The Governor highlighted Geraldine Sullivan, an 81 year young resident of Monroe County, retired and living on Social Security. She has seen her home value go down and her property taxes go up. She can't afford to make ends meet so she went back to work as a lunch monitor. Regrettably there are hundreds of thousands of Geraldine's in NYS. The problem with this example is the Governor's solution (tax levy cap) will only ensure that her taxes continue to rise. As a result of the tax cap she may also lose access to her senior center, meals on wheels and other services she may be relying on. She will also likely lose her job at the school she works at. The only way to help Geraldine is to pass a circuit breaker that will limit her taxes to an affordable percentage of her income. That is the only way to help Geraldine and the hundreds of thousands of New Yorkers paying far too much of their income in property taxes!
"We applaud Governor Cuomo's expression of concern over high property taxes and his recognition that many families can no longer afford to pay them," said John Whiteley of the NYS Property Tax Reform Coalition. "However, we are disheartened that he appears to believe a property tax cap will somehow make them more affordable for the families he describes. The reality is that a tax cap will ensure that taxes will continue to rise -- making them even LESS affordable -- and since the tax cap does not actually cap one's tax bill, many will find their individual increase substantially higher than the nominal cap percentage. We hope the Governor will recognize that only a middle class circuit breaker can cap, and actually reduce, the property tax burden of those most at risk of being forced from their homes, and that that is the measure most urgently needed at this time."
Gioia Shebar of Taxnightmare.org states, "I was surprised by the State of the State address of our brand new governor elected to dispel the miasma of failure that hangs like a fog over state government. Instead of inspiring us with new ideas, he contrived to hitch his star to a shopworn and discreditable concept of relieving the burden of confiscatory property taxes from middle class families by instituting a tax levy cap, which will only continue to raise these already insupportable taxes. Even more unfathomably -as he acknowledges the devastation of the middle class from property taxes - he proposes to remedy the tax burden by removing (unsolicited) an income tax surcharge from the super-rich who are not burdened in any way, shape, or form by any kind of tax at all! There's still time to start over. No shame in that. Everybody gets one Mulligan."

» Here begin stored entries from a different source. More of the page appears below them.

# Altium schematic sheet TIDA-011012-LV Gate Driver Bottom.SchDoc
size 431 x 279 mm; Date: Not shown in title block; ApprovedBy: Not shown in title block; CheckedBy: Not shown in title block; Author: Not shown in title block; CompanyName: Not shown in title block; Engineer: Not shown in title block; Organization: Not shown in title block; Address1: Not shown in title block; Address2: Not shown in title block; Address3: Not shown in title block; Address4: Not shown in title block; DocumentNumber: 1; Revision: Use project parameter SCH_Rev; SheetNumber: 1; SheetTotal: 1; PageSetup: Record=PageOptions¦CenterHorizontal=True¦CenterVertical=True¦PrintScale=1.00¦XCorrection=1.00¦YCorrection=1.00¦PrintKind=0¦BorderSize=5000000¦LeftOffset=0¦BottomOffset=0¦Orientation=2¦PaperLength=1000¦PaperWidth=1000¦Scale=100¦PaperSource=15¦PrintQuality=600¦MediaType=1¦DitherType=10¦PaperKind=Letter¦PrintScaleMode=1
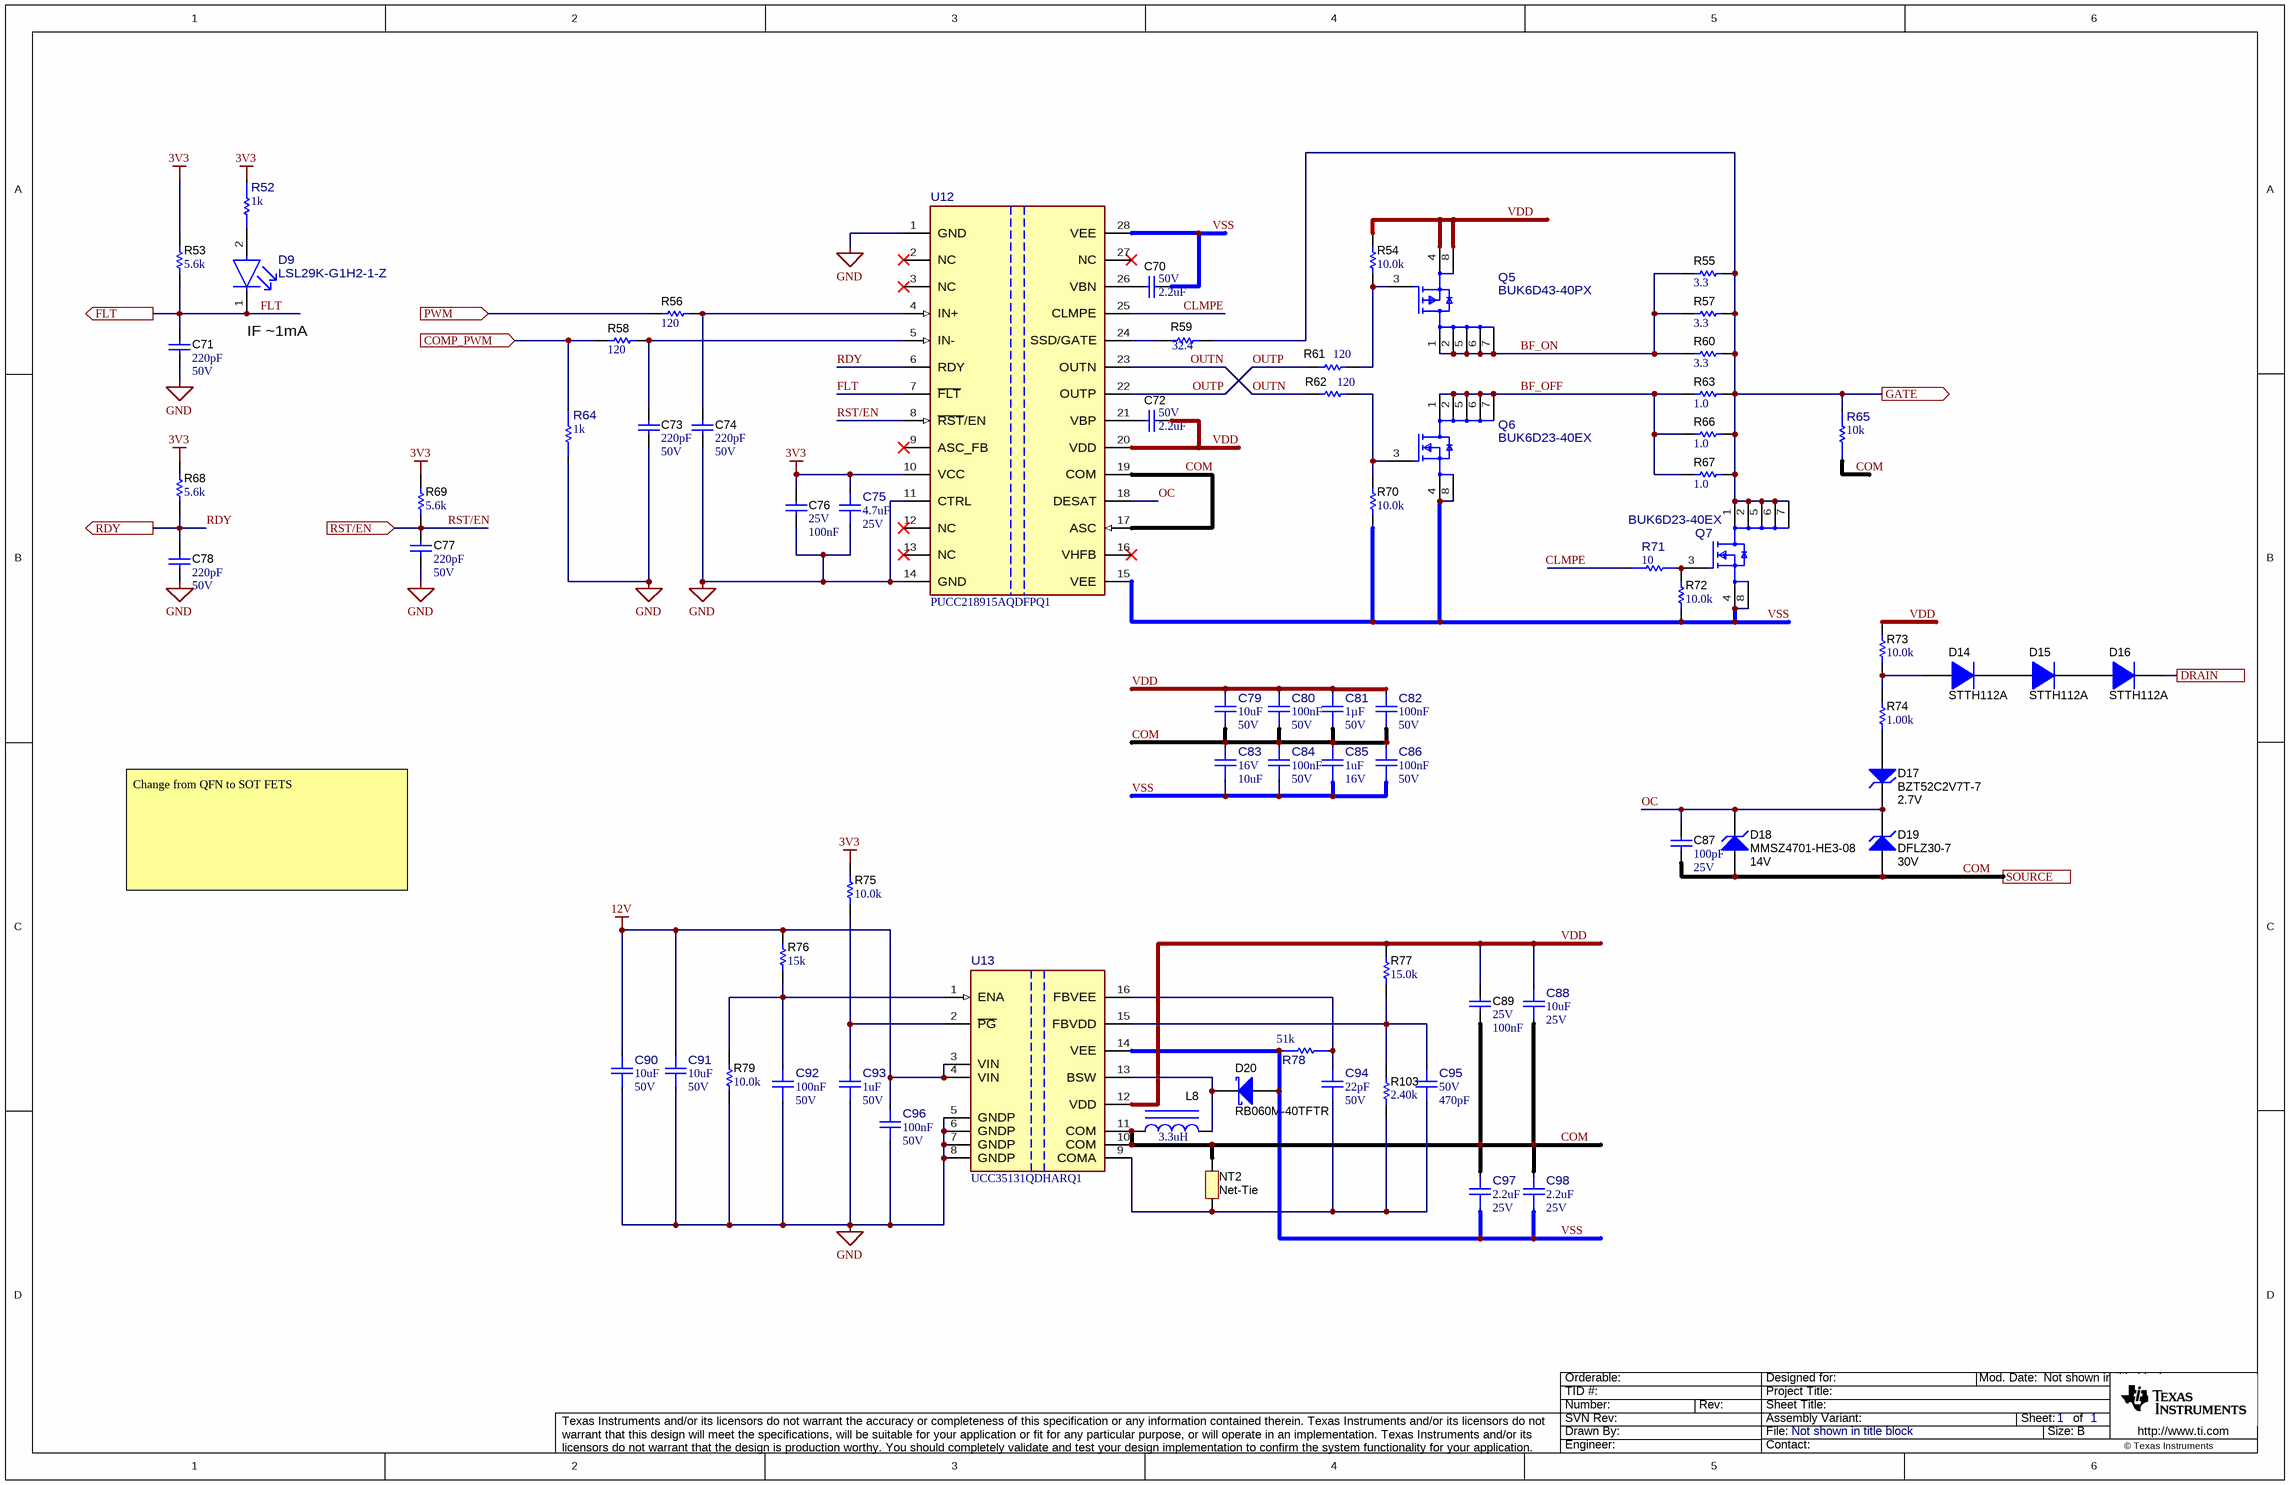
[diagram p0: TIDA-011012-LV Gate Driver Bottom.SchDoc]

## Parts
C70  VDC_V: 50V  ValueDisplayed: 2.2uF  [0603]  (hidden comment: GRT188R61H225KE13D)
C71  Cap_F: 220pF  VDC_V: 50V  [0603]  (hidden comment: C0603C221K5RACTU)
C72  VDC_V: 50V  ValueDisplayed: 2.2uF  [0603]  (hidden comment: GRT188R61H225KE13D)
C73  Cap_F: 220pF  VDC_V: 50V  [0603]  (hidden comment: C0603C221K5RACTU)
C74  Cap_F: 220pF  VDC_V: 50V  [0603]  (hidden comment: C0603C221K5RACTU)
C75  ValueDisplayed: 4.7uF  VDC_V: 25V  [FP-GRM188R61E475KE15D_0603-MFG]  (hidden comment: GRM188R61E475KE15D)
C76  VDC_V: 25V  Cap_F: 100nF  [0603]  (hidden comment: GCM188R71E104KA57D)
C77  Cap_F: 220pF  VDC_V: 50V  [0603]  (hidden comment: C0603C221K5RACTU)
C78  Cap_F: 220pF  VDC_V: 50V  [0603]  (hidden comment: C0603C221K5RACTU)
C79  ValueDisplayed: 10uF  VDC_V: 50V  [FP-GMC31X7R106K50NT_1206-MFG]  (hidden comment: GMC31X7R106K50NT)
C80  Cap_F: 100nF  VDC_V: 50V  [FP-C0805C104K5RAC7800_0805-MFG]  (hidden comment: C0805C104K5RAC7800)
C81  Cap_F: 1µF  VDC_V: 50V  [FP-CL10B105KB9VPJC_0603-MFG]  (hidden comment: CL10B105KB9VPJC)
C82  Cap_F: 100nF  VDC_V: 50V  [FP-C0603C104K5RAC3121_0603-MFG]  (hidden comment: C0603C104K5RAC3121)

Ron Deutsch of New Yorkers for Fiscal Fairness states, "We need to fix our upside-down tax system. It is not enough to simply say taxes are too high. Who are they too high for? The Wealthy? Middle Class? We have an opportunity this year that we must not squander." said Ron Deutsch of New Yorkers for Fiscal Fairness. "Rather than letting the income tax surcharge on the wealthiest expire - we should keep it in place and use that revenue to fund a real property tax circuit breaker for struggling working/middle class families in New York State. The Governor has clearly articulated the problem - unfortunately he is proposing the wrong solution."
"Maintaining the income tax surcharge on the wealthiest New Yorkers would provide needed revenue, allowing Governor Cuomo to create a more fair tax system and provide real property tax relief to working New Yorkers through a circuit breaker," states Rachel Estroff of Westchester for Change
"If more than 4 out of every ten New Yorkers pay an overwhelming amount of their income towards property tax, why would they welcome a levy cap that does nothing to help them. Income and sales taxes have percentage limitations - we need one for the property tax. It's called a circuit breaker and it will solve so many of our issues all at once," said Robert McKeon, Director of TREND NY. "After nearly 30 years of a levy cap, Massachusetts families average 3.2% (property tax as a percent of income) instead of 3.5% - not a huge difference. They have higher "fees", lower services and the same unfair, unprogressive property tax system. Maine instead should be the role model with their 5% (of income) circuit breaker that will protect all of their citizens from excessive burdens."
Susan Zimet, Ulster County Legislator said, "Talking about the hollow promise of a tax cap to solve the excruciatingly painful property tax problem is the same rhetoric he speaks against. The Governor states that we need to reform government and that it is going to take political courage. He is right. But the courage comes in doing the hard work to provide real solutions, not continuing the failed policy of passing the problems down to the local elected officials. A tax cap is passing the buck while pretending to have done something. Governor Cuomo is promising change. Here is his chance to change his mind and stop pushing a proven policy that has failed so many states and the taxpayers directly."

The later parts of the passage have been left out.